It is hard and scary, I am sure. It was always scary for me and i am a truly outgoing girl. Just think about what a rush it will be if she say YES. If she is single she probably will. I suggest the following.



Hi, What's your name? Oh ___ nice to meet you I was wondering if you might want to hang out some time? If yes.... get her number and let the text flirting begin. 

If she says,no I have a BF... tell her he is a lucky guy and see ya around!

I say best to keep it light and polite.


You can totally do it! And don't worry if you are obviously nervous. Most women find that very cute!

True


----------



## KittyKitten (Mar 24, 2011)

Me too! I'm so awkward when meeting a guy that I like. I start flushing and giggle more than normal. LOL


----------



## J34 (Mar 24, 2011)

Hey is a thread for shy people, I'm surprised I haven't posted here yet.

I can at least empathize with half the guys here, as I myself can barely approach a woman. Although I guess it depends on the situation, can't do it at a bar though since I suck at communicating over loud noise.

Although I have been talking to this girl the past several weeks, and we are about to meet. In my rationalized mind i know not to get my hopes up, but after not being on a date for years, how can I not feel nervous


----------



## The Orange Mage (Mar 25, 2011)

I'm a little shy, I guess. But I don't drink and hate bars. The places I do hang out tend to be sausage fests, and any girls there are girlfriends tagging along with their man.
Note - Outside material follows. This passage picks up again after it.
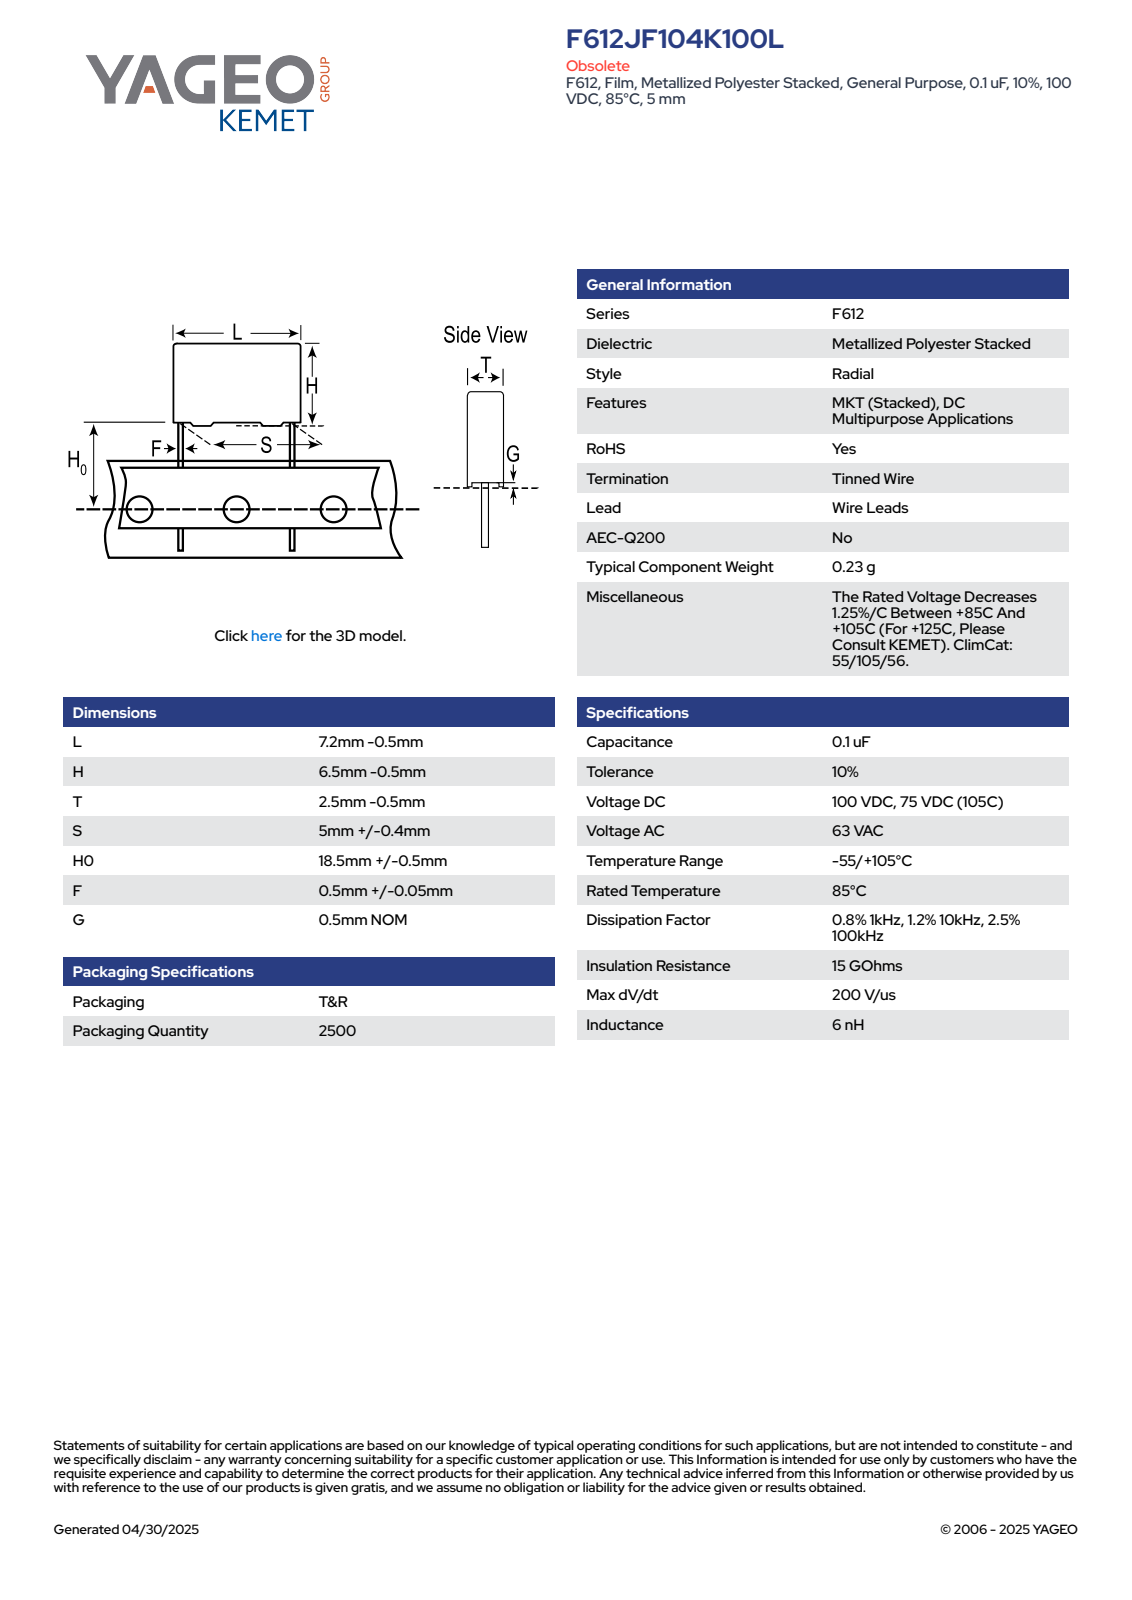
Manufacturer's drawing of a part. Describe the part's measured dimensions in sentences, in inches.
The part is named "CFR_RBG_7.2X6.5X2.5_L6.7H6T2S5H019F0.55G0.5". Its 3-D file was written by "SolidWorks 2014 (AUTOMOTIVE_DESIGN)". It is 4 solids with 89 faces: 81 planar, 8 cylindrical and 0 other. Overall it measures 0.984 by 0.264 by 0.079 inches. Its volume is 0.005 cubic inches and its surface area 0.304 square inches. Round bosses or shafts: 2 of diameter 0.022. Partial cylindrical surfaces (rounded edges, fillets, slot ends): 4 of radius 0.02. The main face-to-face distances are 0.079, 0.264, 0.217, 0.074, 0.07, 0.768, 0.984, 0.748, 0.02, 0.236.
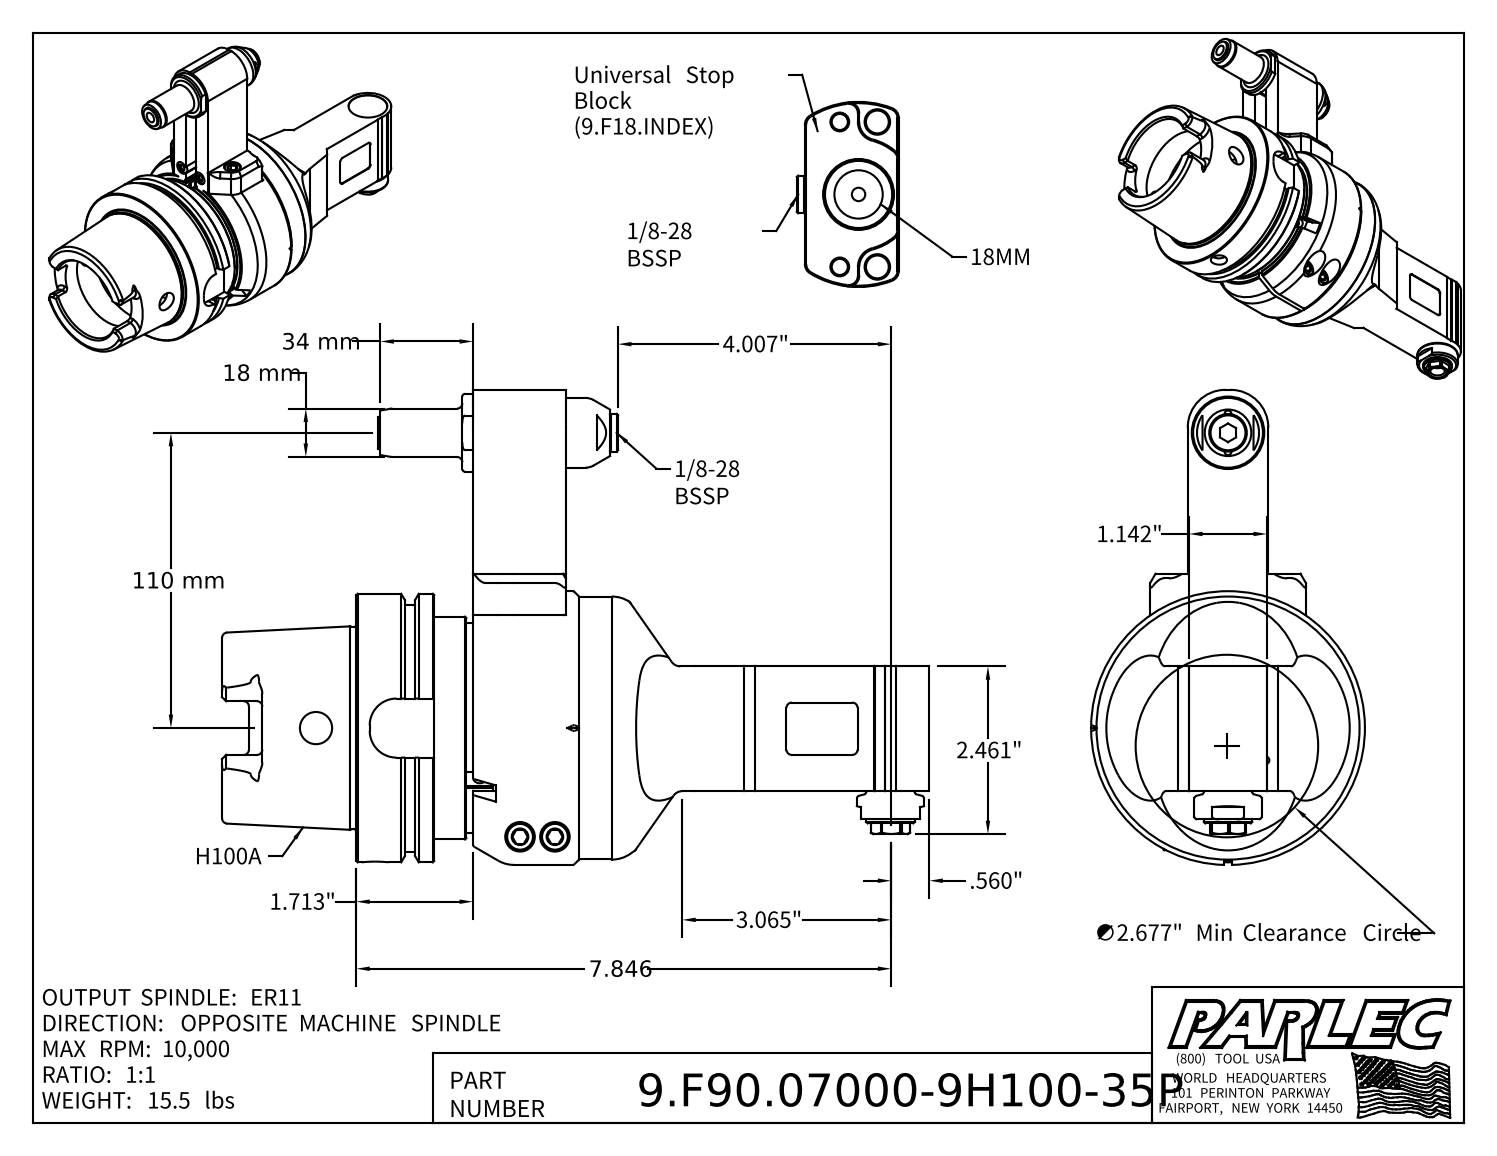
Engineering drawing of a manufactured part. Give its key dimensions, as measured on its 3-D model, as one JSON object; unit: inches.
{"part_name": "F900700-0000001L_511", "step_written_by": "CREO PARAMETRIC BY PTC INC, 2022244 (CONFIG_CONTROL_DESIGN)", "units": "inches", "bodies": {"solids": 1, "faces": 724, "planar": 270, "cylindrical": 251, "other": 203}, "overall_size": [10.374, 6.968, 4.016], "volume_in3": 65.54, "surface_area_in2": 219, "round_holes": [[0.197, 3], [0.256, 3], [0.102, 2], [0.13, 2], [0.165, 2], [0.315, 2], [0.335, 2], [0.409, 2], [0.433, 2], [0.492, 2], [1.063, 2], [0.098, 1]], "round_bosses_or_shafts": [[0.394, 4], [0.709, 3], [0.472, 2], [0.315, 2], [0.236, 2], [0.098, 2], [4.016, 1], [3.937, 1]], "partial_cylinders_radius": [[0.079, 18], [0.039, 14], [0.118, 6], [0.157, 5], [0.192, 4], [0.394, 4], [0.02, 2], [0.315, 2]], "face_to_face_distances": [1.142, 1.161, 0.02, 0.65, 1.555, 1.713, 0.335, 0.768, 1.831, 0.394], "hole_center_spacings": [0.276, 0.618, 1.994, 2.11, 2.383, 2.657, 3.498, 0.014]}

I am a notorious pro at doing that "look at someone, OH SHIT EYE CONTACT LOOK AWAY QUICK" thing. I've recently thought about how I can turn that into something better, and I think the idea is to throw a smile and approach if I get one back...but then what? Now I'm in close proximity and have NO CLUE what I'm going to say. 

Close & Creepy is a BAD combo. D:

EDIT: THIS: 
*




*


----------



## JMNYC (Mar 25, 2011)

When I was 14, I was ridiculously shy around girls. I grew up in a rural area where there were no girls of dating age, in a house with all boys except for my mother. So I had no experience relating whatsoever to women.

There was this kid at school I saw named Pat who had girls all around him, all the time. I'd see him around with his arm around one, or two. He wasn't sleeping with them...they just liked him, and he liked them.

I had formed my first band and I decided to get Pat in the band as lead singer, since the girls loved him. That he couldn't sing was of no consequence. He'd be our ticket to fame. It wasn't going to be me because I was chubby and my mother cut my hair and...well, I just knew it wasn't going to be me.

Whenever Pat would go off key, which was pretty much all the time, I would just join him at the mike, singing the same notes, and he'd find his way back again.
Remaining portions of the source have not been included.